(94f) Real-Time Event Tracking in Crystallization with AI-Enabled in-Situ Image Analysis and Morphological Metrics

Crystallization processes are governed by a complex interplay of mechanisms such as nucleation, growth, secondary nucleation, agglomeration, breakage, polymorphism, and oiling out. Accurately detecting and interpreting these changes in real time is essential for robust process development, optimization, and scale-up. In this study, we present a novel AI-enabled toolkit that integrates a convolutional neural network (CNN)-based segmentation engine with in-situ imaging to enable automated, real-time tracking of crystallization events. The toolkit extracts and monitor time-resolved morphological descriptors—including aspect ratio, circularity, roughness factor, particle length, and circular equivalent perimeter etc—from segmented particles in live process images. These quantitative shape- and size-based metrics form the foundation for a data-driven event tracking approach, allowing precise characterization of process changes such as nucleation onset, habit transformation, and agglomeration.
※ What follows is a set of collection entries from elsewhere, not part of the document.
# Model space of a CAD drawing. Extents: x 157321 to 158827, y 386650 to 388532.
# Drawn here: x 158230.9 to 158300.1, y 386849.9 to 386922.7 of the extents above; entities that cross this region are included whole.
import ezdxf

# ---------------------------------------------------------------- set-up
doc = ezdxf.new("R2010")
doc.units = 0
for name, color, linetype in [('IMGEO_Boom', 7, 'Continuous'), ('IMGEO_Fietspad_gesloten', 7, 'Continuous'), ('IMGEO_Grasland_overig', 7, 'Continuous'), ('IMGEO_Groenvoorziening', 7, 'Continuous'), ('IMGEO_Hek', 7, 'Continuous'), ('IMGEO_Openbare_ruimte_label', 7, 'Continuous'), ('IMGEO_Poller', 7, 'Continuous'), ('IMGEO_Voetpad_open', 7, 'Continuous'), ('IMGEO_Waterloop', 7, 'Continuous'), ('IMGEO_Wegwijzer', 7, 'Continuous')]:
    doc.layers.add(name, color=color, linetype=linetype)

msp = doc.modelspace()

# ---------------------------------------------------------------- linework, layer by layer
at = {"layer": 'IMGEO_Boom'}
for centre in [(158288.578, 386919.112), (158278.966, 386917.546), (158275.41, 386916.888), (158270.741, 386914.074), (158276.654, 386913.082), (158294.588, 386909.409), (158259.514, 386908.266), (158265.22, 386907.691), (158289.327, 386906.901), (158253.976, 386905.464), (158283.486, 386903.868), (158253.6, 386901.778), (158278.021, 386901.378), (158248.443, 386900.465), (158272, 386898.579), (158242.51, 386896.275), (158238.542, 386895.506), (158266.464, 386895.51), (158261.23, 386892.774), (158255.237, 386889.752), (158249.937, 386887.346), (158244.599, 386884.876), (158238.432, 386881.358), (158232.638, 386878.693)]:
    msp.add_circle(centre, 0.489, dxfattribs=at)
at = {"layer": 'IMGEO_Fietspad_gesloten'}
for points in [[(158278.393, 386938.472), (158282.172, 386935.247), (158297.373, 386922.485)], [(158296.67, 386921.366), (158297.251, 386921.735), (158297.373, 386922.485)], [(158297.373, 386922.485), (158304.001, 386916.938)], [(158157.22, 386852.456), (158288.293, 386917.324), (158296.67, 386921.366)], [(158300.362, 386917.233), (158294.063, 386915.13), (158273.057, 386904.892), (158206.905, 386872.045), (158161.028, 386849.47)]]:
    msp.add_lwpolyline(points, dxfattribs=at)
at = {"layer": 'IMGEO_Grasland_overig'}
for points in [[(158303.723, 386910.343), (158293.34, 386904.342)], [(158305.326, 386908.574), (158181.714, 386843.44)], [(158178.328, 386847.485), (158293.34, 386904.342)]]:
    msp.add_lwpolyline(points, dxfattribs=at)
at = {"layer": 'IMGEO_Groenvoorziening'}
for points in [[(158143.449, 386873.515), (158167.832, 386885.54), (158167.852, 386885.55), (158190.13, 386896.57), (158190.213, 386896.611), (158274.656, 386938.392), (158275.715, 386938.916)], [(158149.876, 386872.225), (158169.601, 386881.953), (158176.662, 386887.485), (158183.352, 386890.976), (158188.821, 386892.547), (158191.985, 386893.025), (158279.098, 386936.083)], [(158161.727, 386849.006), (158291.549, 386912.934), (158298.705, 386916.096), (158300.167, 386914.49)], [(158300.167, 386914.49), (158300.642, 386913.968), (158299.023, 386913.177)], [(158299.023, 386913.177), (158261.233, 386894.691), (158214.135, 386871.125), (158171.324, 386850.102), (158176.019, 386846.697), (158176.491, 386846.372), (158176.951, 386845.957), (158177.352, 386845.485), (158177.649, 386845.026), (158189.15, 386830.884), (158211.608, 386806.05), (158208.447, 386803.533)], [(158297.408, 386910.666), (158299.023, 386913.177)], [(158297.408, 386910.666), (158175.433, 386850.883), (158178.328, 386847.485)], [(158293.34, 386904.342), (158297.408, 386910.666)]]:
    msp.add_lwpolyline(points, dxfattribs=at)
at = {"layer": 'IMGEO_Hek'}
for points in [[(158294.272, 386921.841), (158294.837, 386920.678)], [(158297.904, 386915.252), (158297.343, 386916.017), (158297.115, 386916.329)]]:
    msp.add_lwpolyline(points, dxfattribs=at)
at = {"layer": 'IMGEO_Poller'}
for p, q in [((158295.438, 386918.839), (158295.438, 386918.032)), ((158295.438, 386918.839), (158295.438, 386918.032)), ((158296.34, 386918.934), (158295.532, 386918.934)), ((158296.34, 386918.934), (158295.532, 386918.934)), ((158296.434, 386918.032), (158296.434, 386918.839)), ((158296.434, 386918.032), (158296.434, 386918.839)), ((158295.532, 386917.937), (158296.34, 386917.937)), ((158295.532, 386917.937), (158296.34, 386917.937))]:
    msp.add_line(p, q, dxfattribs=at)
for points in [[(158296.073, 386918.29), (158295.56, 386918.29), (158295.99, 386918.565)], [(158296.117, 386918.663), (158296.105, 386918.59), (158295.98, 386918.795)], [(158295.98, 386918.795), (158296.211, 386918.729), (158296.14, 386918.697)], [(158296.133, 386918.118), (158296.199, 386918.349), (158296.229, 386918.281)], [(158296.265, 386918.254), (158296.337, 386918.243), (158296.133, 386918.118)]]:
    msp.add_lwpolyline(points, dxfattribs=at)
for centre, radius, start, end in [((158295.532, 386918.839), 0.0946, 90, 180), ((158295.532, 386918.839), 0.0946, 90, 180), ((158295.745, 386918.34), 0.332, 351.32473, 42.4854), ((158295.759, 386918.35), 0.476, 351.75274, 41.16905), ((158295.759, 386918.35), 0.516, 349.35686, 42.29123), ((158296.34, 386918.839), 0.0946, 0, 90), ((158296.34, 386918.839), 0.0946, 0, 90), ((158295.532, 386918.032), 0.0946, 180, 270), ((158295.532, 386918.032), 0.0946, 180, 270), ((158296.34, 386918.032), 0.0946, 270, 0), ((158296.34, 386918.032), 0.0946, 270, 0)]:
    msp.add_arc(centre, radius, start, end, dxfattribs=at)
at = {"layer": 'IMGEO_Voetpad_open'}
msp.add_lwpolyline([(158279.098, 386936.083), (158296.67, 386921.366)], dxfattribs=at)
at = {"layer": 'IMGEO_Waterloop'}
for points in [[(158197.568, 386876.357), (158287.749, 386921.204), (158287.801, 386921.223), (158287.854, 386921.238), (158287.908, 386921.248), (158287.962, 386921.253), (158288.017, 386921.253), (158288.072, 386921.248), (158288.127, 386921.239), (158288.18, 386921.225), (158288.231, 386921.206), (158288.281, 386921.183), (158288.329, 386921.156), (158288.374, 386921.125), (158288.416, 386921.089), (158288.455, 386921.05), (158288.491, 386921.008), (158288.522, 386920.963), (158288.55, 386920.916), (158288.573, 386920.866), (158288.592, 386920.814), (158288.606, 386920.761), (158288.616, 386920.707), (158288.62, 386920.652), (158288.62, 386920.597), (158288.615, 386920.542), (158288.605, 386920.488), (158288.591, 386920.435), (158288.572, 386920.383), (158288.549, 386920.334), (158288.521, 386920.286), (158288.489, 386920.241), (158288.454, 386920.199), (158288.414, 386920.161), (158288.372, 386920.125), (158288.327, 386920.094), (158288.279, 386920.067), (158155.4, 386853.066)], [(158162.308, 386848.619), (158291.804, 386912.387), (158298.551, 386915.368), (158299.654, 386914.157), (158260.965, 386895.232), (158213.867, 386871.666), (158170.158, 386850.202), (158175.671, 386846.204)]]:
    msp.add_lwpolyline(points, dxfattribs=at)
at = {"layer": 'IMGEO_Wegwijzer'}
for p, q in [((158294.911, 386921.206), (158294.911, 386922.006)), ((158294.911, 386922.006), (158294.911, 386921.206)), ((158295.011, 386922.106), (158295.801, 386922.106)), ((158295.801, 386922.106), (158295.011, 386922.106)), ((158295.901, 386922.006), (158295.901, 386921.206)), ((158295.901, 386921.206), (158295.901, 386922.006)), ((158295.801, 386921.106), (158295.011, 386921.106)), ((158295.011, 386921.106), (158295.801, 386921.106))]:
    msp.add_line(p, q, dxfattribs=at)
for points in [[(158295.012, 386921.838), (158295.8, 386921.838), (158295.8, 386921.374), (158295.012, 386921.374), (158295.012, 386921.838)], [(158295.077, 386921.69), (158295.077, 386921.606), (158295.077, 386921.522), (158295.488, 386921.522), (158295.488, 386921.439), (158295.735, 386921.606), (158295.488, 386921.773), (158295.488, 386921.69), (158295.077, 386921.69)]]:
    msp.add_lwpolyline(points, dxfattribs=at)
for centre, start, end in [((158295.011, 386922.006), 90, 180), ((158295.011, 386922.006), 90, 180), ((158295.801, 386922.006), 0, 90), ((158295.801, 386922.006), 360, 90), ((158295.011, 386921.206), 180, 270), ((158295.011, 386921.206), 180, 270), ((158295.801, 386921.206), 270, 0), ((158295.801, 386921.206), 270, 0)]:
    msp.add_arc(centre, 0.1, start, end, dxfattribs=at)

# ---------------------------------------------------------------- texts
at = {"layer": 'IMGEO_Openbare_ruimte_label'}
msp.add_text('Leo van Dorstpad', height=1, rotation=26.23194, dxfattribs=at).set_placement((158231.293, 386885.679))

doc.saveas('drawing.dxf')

The application was deployed in a combined cooling and antisolvent crystallization system, where it successfully captured key process transitions: primary nucleation during cooling, desupersaturation and secondary nucleation during the hold phase, and agglomeration and crystal habit changes during antisolvent addition. In two case studies, insights derived from the platform enabled significant process improvements—including reduction of the antisolvent addition phase and a shift in crystal habit from needle-like to plate-like forms, resulting in markedly enhanced filtration performance. The AI-enabled analysis offers consistent, high-resolution morphological tracking at a speed that supports near real-time decision-making. This work demonstrates how the integration of deep learning with in-situ image analysis—driven by shape- and size-based metrics—can transform crystallization process development from qualitative observation to real-time, quantitative control. The platform enhances mechanistic understanding, accelerates process optimization, and strengthens the foundation for robust tech transfer and scale-up in pharmaceutical crystallization.